Average fraud reconstruction error: 0.0013612186
Average genuine reconstruction error: 6.168171e-05


It appears that frauds are indeed less well reconstructed than genuine transactions, which is very encouraging. This shows that this autoencoder is a very promising way to find fraud/outlier transactions.

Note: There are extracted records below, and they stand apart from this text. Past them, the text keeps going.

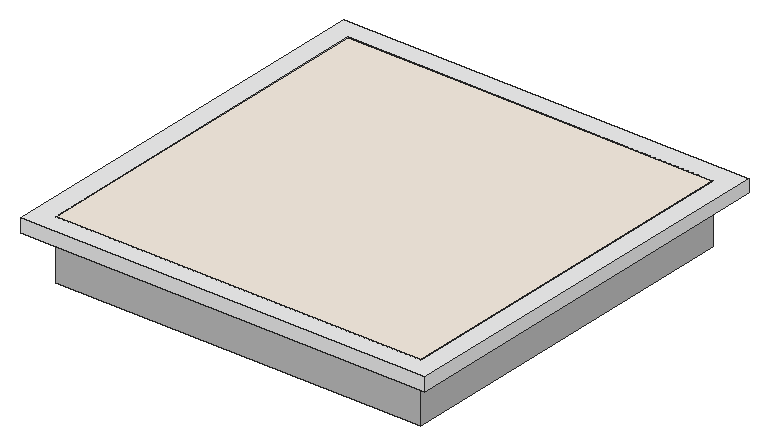
Revit family "Lighting-Terziario-GEWISS-ELIA-PL-LED_INCASSO", category Apparecchi per illuminazione, host Superficie, Revit 2019
Family settings
  Host = Superficie
  Quota connettore circolare = Usa diametro
  Tipo di parte = Normale
  Taglio con vuoti quando caricato = No
  Sorgente d'illuminazione = Sì
  Condiviso = No
  Punto di calcolo locali = Sì
Parameters (values of type "GWF1611NN940 - ELIA PL M3 MICROP.40K DALI CRI90")
  corpo centrale = corpo centrale
  Wattage = 9.2903 W
  Visibilità etichetta [instance] = yes
  Visibilità simbolo [instance] = yes
  Visibilità lampada in pianta [instance] = yes
  Versione file RFA = "20.0"
  Variazione temperatura colore lampada con luminosità attenuata = <Nessuno>
  URL = "https://www.gewiss.com/it/it"
  UGR: = "UGR<19"
  Tipologia sorgente luminosa = "LED - Non sostituibile"
  Tipologia = "Incasso modulare"
  Tipo lampada = "LED"
  Tipo alimentatore = ""
  Tensione = "220-240 V "
  Temperatura di utilizzo = "-20° +45°"
  Temperatura di funzionamento = "-20° +45°"
  Temperatura di colore: = "4000K"
  Temperatura di colore = "4000K"
  built-in parameter 1150107 = 3200 (stored number, unit not read)
  Spostamento_x_effettivo [instance] = 4000 mm - Spostamento_x  # 4000 mm
  Spostamento_x [instance] = 0 mm
  Spostamento_y_effettivo [instance] = 4000 mm - Spostamento_y  # 3300 mm
  Spostamento_y [instance] = 700 mm
  Scheda Tecnica = "https://www.gewiss.com/it/it/search?q=GWF1611NN940"
  SEO = "Incasso modulare"
  SCHERMO LED = SCHERMO LED
  Resistenza agli urti = "IK03"
  Potenza di sistema = "33W"
  Peso (kg): = "2,6"
  Peso (kg) = "2,6"
  built-in parameter 1150110 = 1 (stored number, unit not read)
  built-in parameter 1150109 = 1 (stored number, unit not read)
  built-in parameter 1114218 = 1 (stored number, unit not read)
  built-in parameter 1150112 = 1 (stored number, unit not read)
  POSIZIONE = 80000  # constant formula
  Ottica = "Microprismato"
  built-in parameter 1150137 = (empty or 0)
  built-in parameter 1150132 = (empty or 0)
  Lumen output (lm) = "3300"
  Larghezza lampada = 620 mm
  Lunghezza lampada = 620 mm
  Lampada: = "LED"
  LED Life time (L80B50) = "L80 B50 (Tq25°) = 50.000h"
  built-in parameter 1150105 = 109.82 (stored number, unit not read)
  built-in parameter 1150102 = (empty or 0)
  Installazione = "Incasso modulare"
  built-in parameter 1150106 = 1.0982 (stored number, unit not read)
  Default Elevation = 1219.2 mm
  Produttore = "GEWISS S.p.A."
  Nome quadro [instance] = "330W"
  Modello = "GWF1611NN940"
  L_lampada = 1500 mm
  Immagine tipo = ELIA_PL_q.jpg
  IDT = "4c6a4f10-3f0b-4303-adcc-d543444cbb8d"
  IDF = "6d914e3b-5f92-4411-bf6e-4fbd694a4409"
  Grado di protezione = "IP20 - IP40"
  Garanzia = "5 anni"
  Flusso luminoso in emergenza (lm) = ""
  Lumens = 1380 lm
  Color Filter = 16777215
  File diagramma fotometrico = "GWF1611NN940.IES"
  built-in parameter 1114217 = 1 (stored number, unit not read)
  built-in parameter 1150139 = (empty or 0)
  FORO_CONTROSOFFITTO = 80 mm  # constant formula
  Emit from Line Length = 609.6 mm
  built-in parameter 1150104 = 13.8 (stored number, unit not read)
  Distanza dal host [instance] = 0 mm
  built-in parameter 1150115 = 1 (stored number, unit not read)
  built-in parameter 1150114 = 1 (stored number, unit not read)
  built-in parameter 1150113 = 1 (stored number, unit not read)
  Dimensioni (mm) = "62x62"
  Descrizione = "ELIA PL M3 MICROP.40K DALI CRI90"
  Creato da GEWISS S.p.A. = ""
  built-in parameter 1150134 = 3
  built-in parameter 1150138 = (empty or 0)
  Colore = "Bianco"
  Codice Electrocod = ""
  Codice EAN = ""
  Classe isolamento = "II"
  Classe di efficienza LED integrati = ""
  Catalogo Serie = "ELIA PL"
  Catalogo = "LIGHTING"
  COBie.Tagnumber = ""
  COBie.CreatedOn = ""
  COBie.CreatebBy = ""
  COBie.ComponentRegisterItemID = ""
  COBie.Component.TagNumber = ""
  COBie.Component.Space = ""
  COBie.Component.SerialNumber = ""
  COBie.Component.InstallationDate = ""
  COBie.Component.Description = ""
  COBie.Component.BarCode = ""
  BORDO = BORDO
  Applicazione = "Interno"
  Tilt Angle = -90.00°
  built-in parameter 1150133 = 10 (stored number, unit not read)
Types (48, lengths in mm): name | UGR: | Temperatura di colore: | Temperatura di colore | Scheda Tecnica | Peso (kg): | Peso (kg) | Ottica | Lumen output (lm) | Larghezza lampada | Lunghezza lampada | Modello | Immagine tipo | IDT | File diagramma fotometrico | Dimensioni (mm) | Descrizione
  GWF1611LN830 - ELIA PL M1 MICROP.30K DALI CRI80 | "UGR<19" | "3000K" | "3000K" | "https://www.gewiss.com/it/it/search?q=GWF1611LN830" | "2,4" | "2,4" | "Microprismato" | "3300" | 300 | 1200 | "GWF1611LN830" | ELIA_PL_r.jpg | "72f4d622-981e-4ae0-88c5-de9fbfefd2f9" | "GWF1611LN830.IES" | "30x120" | "ELIA PL M1 MICROP.30K DALI CRI80"
  GWF1611LN930 - ELIA PL M1 MICROP.30K DALI CRI90 | "UGR<19" | "3000K" | "3000K" | "https://www.gewiss.com/it/it/search?q=GWF1611LN930" | "2,4" | "2,4" | "Microprismato" | "3000" | 300 | 1200 | "GWF1611LN930" | ELIA_PL_r.jpg | "b54e74e5-4979-4faa-a3b6-9c298bf6cffa" | "GWF1611LN930.IES" | "30x120" | "ELIA PL M1 MICROP.30K DALI CRI90"
  GWF1610LN830 - ELIA PL M1 MICROP.30K ON/OFF CRI80 | "UGR<19" | "3000K" | "3000K" | "https://www.gewiss.com/it/it/search?q=GWF1610LN830" | "2,4" | "2,4" | "Microprismato" | "3300" | 300 | 1200 | "GWF1610LN830" | ELIA_PL_r.jpg | "239ca7b0-603f-4688-94ad-8681d91ede28" | "GWF1610LN830.IES" | "30x120" | "ELIA PL M1 MICROP.30K ON/OFF CRI80"
  GWF1610LN930 - ELIA PL M1 MICROP.30K ON/OFF CRI90 | "UGR<19" | "3000K" | "3000K" | "https://www.gewiss.com/it/it/search?q=GWF1610LN930" | "2,4" | "2,4" | "Microprismato" | "3000" | 300 | 1200 | "GWF1610LN930" | ELIA_PL_r.jpg | "1c95a2c5-173e-4975-ad23-1c8ec5243fb5" | "GWF1610LN930.IES" | "30x120" | "ELIA PL M1 MICROP.30K ON/OFF CRI90"
  GWF1611LN840 - ELIA PL M1 MICROP.40K DALI CRI80 | "UGR<19" | "4000K" | "4000K" | "https://www.gewiss.com/it/it/search?q=GWF1611LN840" | "2,4" | "2,4" | "Microprismato" | "3600" | 300 | 1200 | "GWF1611LN840" | ELIA_PL_r.jpg | "414879d6-0dc6-45a6-b4b9-da79a268bacd" | "GWF1611LN840.IES" | "30x120" | "ELIA PL M1 MICROP.40K DALI CRI80"
  GWF1611LN940 - ELIA PL M1 MICROP.40K DALI CRI90 | "UGR<19" | "4000K" | "4000K" | "https://www.gewiss.com/it/it/search?q=GWF1611LN940" | "2,4" | "2,4" | "Microprismato" | "3300" | 300 | 1200 | "GWF1611LN940" | ELIA_PL_r.jpg | "2e0798d3-7b3f-41c2-95eb-bf9ff87590b3" | "GWF1611LN940.IES" | "30x120" | "ELIA PL M1 MICROP.40K DALI CRI90"
  GWF1610LN840 - ELIA PL M1 MICROP.40K ON/OFF CRI80 | "UGR<19" | "4000K" | "4000K" | "https://www.gewiss.com/it/it/search?q=GWF1610LN840" | "2,4" | "2,4" | "Microprismato" | "3600" | 300 | 1200 | "GWF1610LN840" | ELIA_PL_r.jpg | "1e2c872c-402b-4521-a7c6-7245e5216dca" | "GWF1610LN840.IES" | "30x120" | "ELIA PL M1 MICROP.40K ON/OFF CRI80"
  GWF1610LN940 - ELIA PL M1 MICROP.40K ON/OFF CRI90 | "UGR<19" | "4000K" | "4000K" | "https://www.gewiss.com/it/it/search?q=GWF1610LN940" | "2,4" | "2,4" | "Microprismato" | "3300" | 300 | 1200 | "GWF1610LN940" | ELIA_PL_r.jpg | "baf633ec-d199-4836-acb8-01535f644f62" | "GWF1610LN940.IES" | "30x120" | "ELIA PL M1 MICROP.40K ON/OFF CRI90"
  GWF1611LA830 - ELIA PL M1 OPAL 30K DALI CRI80 | "UGR<22" | "3000K" | "3000K" | "https://www.gewiss.com/it/it/search?q=GWF1611LA830" | "2,4" | "2,4" | "Opale diffondente" | "3700" | 300 | 1200 | "GWF1611LA830" | ELIA_PL_r.jpg | "4ad70d55-0be2-4fd8-b7ca-ca9dae02b802" | "GWF1611LA830.IES" | "30x120" | "ELIA PL M1 OPAL 30K DALI CRI80"
  GWF1611LA930 - ELIA PL M1 OPAL 30K DALI CRI90 | "UGR<22" | "3000K" | "3000K" | "https://www.gewiss.com/it/it/search?q=GWF1611LA930" | "2,4" | "2,4" | "Opale diffondente" | "3500" | 300 | 1200 | "GWF1611LA930" | ELIA_PL_r.jpg | "e51a4e74-16fc-4510-8e63-cb1554f2a9e1" | "GWF1611LA930.IES" | "30x120" | "ELIA PL M1 OPAL 30K DALI CRI90"
  GWF1610LA830 - ELIA PL M1 OPAL 30K ON/OFF CRI80 | "UGR<22" | "3000K" | "3000K" | "https://www.gewiss.com/it/it/search?q=GWF1610LA830" | "2,4" | "2,4" | "Opale diffondente" | "3700" | 300 | 1200 | "GWF1610LA830" | ELIA_PL_r.jpg | "93844e9d-7361-48ab-9020-5a4103f2c4d9" | "GWF1610LA830.IES" | "30x120" | "ELIA PL M1 OPAL 30K ON/OFF CRI80"
  GWF1610LA930 - ELIA PL M1 OPAL 30K ON/OFF CRI90 | "UGR<22" | "3000K" | "3000K" | "https://www.gewiss.com/it/it/search?q=GWF1610LA930" | "2,4" | "2,4" | "Opale diffondente" | "3500" | 300 | 1200 | "GWF1610LA930" | ELIA_PL_r.jpg | "d9c1a0fb-2941-493d-b902-7216f29dd99e" | "GWF1610LA930.IES" | "30x120" | "ELIA PL M1 OPAL 30K ON/OFF CRI90"
  GWF1611LA840 - ELIA PL M1 OPAL 40K DALI CRI80 | "UGR<22" | "4000K" | "4000K" | "https://www.gewiss.com/it/it/search?q=GWF1611LA840" | "2,4" | "2,4" | "Opale diffondente" | "3900" | 300 | 1200 | "GWF1611LA840" | ELIA_PL_r.jpg | "b505003b-30bf-4abe-bc16-d34724f793d9" | "GWF1611LA840.IES" | "30x120" | "ELIA PL M1 OPAL 40K DALI CRI80"
  GWF1611LA940 - ELIA PL M1 OPAL 40K DALI CRI90 | "UGR<22" | "4000K" | "4000K" | "https://www.gewiss.com/it/it/search?q=GWF1611LA940" | "2,4" | "2,4" | "Opale diffondente" | "3700" | 300 | 1200 | "GWF1611LA940" | ELIA_PL_r.jpg | "bd5ba0be-baad-4d03-a326-da1e8e31ecf8" | "GWF1611LA940.IES" | "30x120" | "ELIA PL M1 OPAL 40K DALI CRI90"
  GWF1610LA840 - ELIA PL M1 OPAL 40K ON/OFF CRI80 | "UGR<22" | "4000K" | "4000K" | "https://www.gewiss.com/it/it/search?q=GWF1610LA840" | "2,4" | "2,4" | "Opale diffondente" | "3900" | 300 | 1200 | "GWF1610LA840" | ELIA_PL_r.jpg | "1862d7c5-ebea-42a6-9366-bfffa14f0432" | "GWF1610LA840.IES" | "30x120" | "ELIA PL M1 OPAL 40K ON/OFF CRI80"
  GWF1610LA940 - ELIA PL M1 OPAL 40K ON/OFF CRI90 | "UGR<22" | "4000K" | "4000K" | "https://www.gewiss.com/it/it/search?q=GWF1610LA940" | "2,4" | "2,4" | "Opale diffondente" | "3700" | 300 | 1200 | "GWF1610LA940" | ELIA_PL_r.jpg | "5bad5249-5187-4a35-ac2a-e2be86f79325" | "GWF1610LA940.IES" | "30x120" | "ELIA PL M1 OPAL 40K ON/OFF CRI90"
  GWF1611MN830 - ELIA PL M2 MICROP.30K DALI CRI80 | "UGR<19" | "3000K" | "3000K" | "https://www.gewiss.com/it/it/search?q=GWF1611MN830" | "2,4" | "2,4" | "Microprismato" | "3300" | 595 | 595 | "GWF1611MN830" | ELIA_PL_q.jpg | "29422a00-ea95-4e48-9cbf-6c19c1753368" | "GWF1611MN830.IES" | "60x60" | "ELIA PL M2 MICROP.30K DALI CRI80"
  GWF1611MN930 - ELIA PL M2 MICROP.30K DALI CRI90 | "UGR<19" | "3000K" | "3000K" | "https://www.gewiss.com/it/it/search?q=GWF1611MN930" | "2,4" | "2,4" | "Microprismato" | "3000" | 595 | 595 | "GWF1611MN930" | ELIA_PL_q.jpg | "8e3fa227-acc7-480c-879b-7400b2442bef" | "GWF1611MN930.IES" | "60x60" | "ELIA PL M2 MICROP.30K DALI CRI90"
  GWF1610MN830 - ELIA PL M2 MICROP.30K ON/OFF CRI80 | "UGR<19" | "3000K" | "3000K" | "https://www.gewiss.com/it/it/search?q=GWF1610MN830" | "2,4" | "2,4" | "Microprismato" | "3300" | 595 | 595 | "GWF1610MN830" | ELIA_PL_q.jpg | "373a32ed-ca14-4b80-8334-d80a2d86ae7f" | "GWF1610MN830.IES" | "60x60" | "ELIA PL M2 MICROP.30K ON/OFF CRI80"
  GWF1610MN930 - ELIA PL M2 MICROP.30K ON/OFF CRI90 | "UGR<19" | "3000K" | "3000K" | "https://www.gewiss.com/it/it/search?q=GWF1610MN930" | "2,4" | "2,4" | "Microprismato" | "3000" | 595 | 595 | "GWF1610MN930" | ELIA_PL_q.jpg | "eb99a13a-b418-4e6d-b133-7066e25f8cd8" | "GWF1610MN930.IES" | "60x60" | "ELIA PL M2 MICROP.30K ON/OFF CRI90"
  GWF1611MN840 - ELIA PL M2 MICROP.40K DALI CRI80 | "UGR<19" | "4000K" | "4000K" | "https://www.gewiss.com/it/it/search?q=GWF1611MN840" | "2,4" | "2,4" | "Microprismato" | "3600" | 595 | 595 | "GWF1611MN840" | ELIA_PL_q.jpg | "33e10070-ff3e-43ae-8ed2-ea2ef82bf21b" | "GWF1611MN840.IES" | "60x60" | "ELIA PL M2 MICROP.40K DALI CRI80"
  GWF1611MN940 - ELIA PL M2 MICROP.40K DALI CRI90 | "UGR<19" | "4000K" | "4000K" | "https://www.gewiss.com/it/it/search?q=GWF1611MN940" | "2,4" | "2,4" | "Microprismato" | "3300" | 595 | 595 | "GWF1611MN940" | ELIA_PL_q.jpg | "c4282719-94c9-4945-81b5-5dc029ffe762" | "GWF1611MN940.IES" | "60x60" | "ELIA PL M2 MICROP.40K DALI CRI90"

Let us now compute the AUC ROC, the average precision, and card precision@100 on the validation set by considering the reconstruction error as a predicted fraud score.



In [63]:
predictions_df=valid_df
predictions_df['predictions']=losses
    
performance_assessment(predictions_df, top_k_list=[100])

Unnamed: 0,AUC ROC,Average precision,Card Precision@100
0,0.84,0.162,0.2


Although less accurate than the supervised techniques covered before, this unsupervised method leads to encouraging results and is much more accurate than the random classifier.

Finding:

Autoencoders are part of the large deep learning models family. Their goal is to learn representations to reconstruct descriptive variables, so they have been widely used for unsupervised learning problems. Anomaly detection, and in particular fraud detection, can be tackled with unsupervised techniques.

Here we used reconstruction error of autoencoder as an indicator for fraud risk. Used solely (unsupervised method), it detects data points that are away from the rest of the distribution, which allows detecting many frauds but also introduces a lot of false alerts (e.g. genuine transactions that have rare characteristics). Therefore, it obtains a decent AUC ROC but low precision-based metrics.